NCUA Reviews Rules to Ease Credit Union Burdens
Published Date: 3/3/2026
Proposed Rule
Summary
The National Credit Union Administration (NCUA) is reviewing its rules to cut out old, unnecessary, or tough regulations that slow things down. This final review focuses on rules about corporate credit unions, staff roles, anti-money laundering, procedures, and safety. If you’re involved with credit unions, now’s your chance to comment by June 1, 2026, helping shape smarter, simpler rules without extra costs.
Analyzed Economic Effects
5 provisions identified: 3 benefits, 2 costs, 0 mixed.
NCUA Seeks Comments on 5 Rule Categories
The NCUA is asking the public—especially federally insured credit unions—to comment by June 1, 2026 on regulations in five categories (Corporate Credit Unions; Directors, Officers and Employees; Anti‑Money Laundering and Bank Secrecy Act; Rules of Procedure; and Safety and Soundness). The Board may use comments to consider amending or repealing regulations to reduce burdens where consistent with statutory mandates.
72‑Hour Cyber Incident Reporting Rule
If a federally insured credit union experiences a reportable cyber incident, it must report the incident to the NCUA as soon as possible and no later than 72 hours after the credit union reasonably believes it experienced the incident (final rule issued March 2023). The rule does not require a detailed incident assessment within the 72‑hour window.
Higher Appraisal Thresholds for Loans
The NCUA raised appraisal thresholds so that, for commercial real estate transactions the appraisal threshold increased from $250,000 to $1,000,000 (final rule July 2019), and for residential real‑estate transactions the threshold increased from $250,000 to $400,000 (final rule April 2020). Transactions below those thresholds may not require a formal appraisal and instead may use a written estimate of market value.
Who Counts as a 'Small' Credit Union
For this review, the NCUA defines a "small entity" as a federally insured credit union with less than $100 million in assets. That definition guides the Board's focus on minimizing burdens on smaller credit unions.

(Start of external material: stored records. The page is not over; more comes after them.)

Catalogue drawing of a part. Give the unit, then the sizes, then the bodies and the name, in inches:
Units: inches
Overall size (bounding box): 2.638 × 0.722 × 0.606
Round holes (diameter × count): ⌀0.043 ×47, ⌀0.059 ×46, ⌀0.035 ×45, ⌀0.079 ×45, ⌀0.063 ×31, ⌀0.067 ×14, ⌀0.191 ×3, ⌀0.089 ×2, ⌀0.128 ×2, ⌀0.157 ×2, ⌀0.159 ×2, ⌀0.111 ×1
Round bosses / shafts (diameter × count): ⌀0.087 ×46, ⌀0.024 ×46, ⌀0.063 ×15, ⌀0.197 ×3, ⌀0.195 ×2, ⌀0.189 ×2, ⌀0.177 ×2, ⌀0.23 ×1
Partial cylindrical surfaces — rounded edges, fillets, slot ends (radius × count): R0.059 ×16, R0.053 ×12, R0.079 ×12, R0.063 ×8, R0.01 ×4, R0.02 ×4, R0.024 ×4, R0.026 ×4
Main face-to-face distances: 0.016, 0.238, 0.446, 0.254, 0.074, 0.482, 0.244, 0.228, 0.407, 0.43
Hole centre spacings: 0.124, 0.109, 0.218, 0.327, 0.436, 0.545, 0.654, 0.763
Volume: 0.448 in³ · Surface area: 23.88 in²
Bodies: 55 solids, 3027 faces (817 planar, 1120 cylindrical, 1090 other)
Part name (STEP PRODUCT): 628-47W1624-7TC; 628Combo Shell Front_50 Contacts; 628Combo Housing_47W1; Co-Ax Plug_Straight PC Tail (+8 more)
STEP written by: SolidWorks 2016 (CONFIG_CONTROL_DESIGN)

Succession Plan Requirement Effective Jan 1, 2026
The NCUA issued a final rule (december 2024) requiring federally insured credit union boards to establish written succession plans, review the plan at least every 24 months, and ensure newly appointed board members have working familiarity with the plan within six months; the Board delayed the rule's effective date until January 1, 2026.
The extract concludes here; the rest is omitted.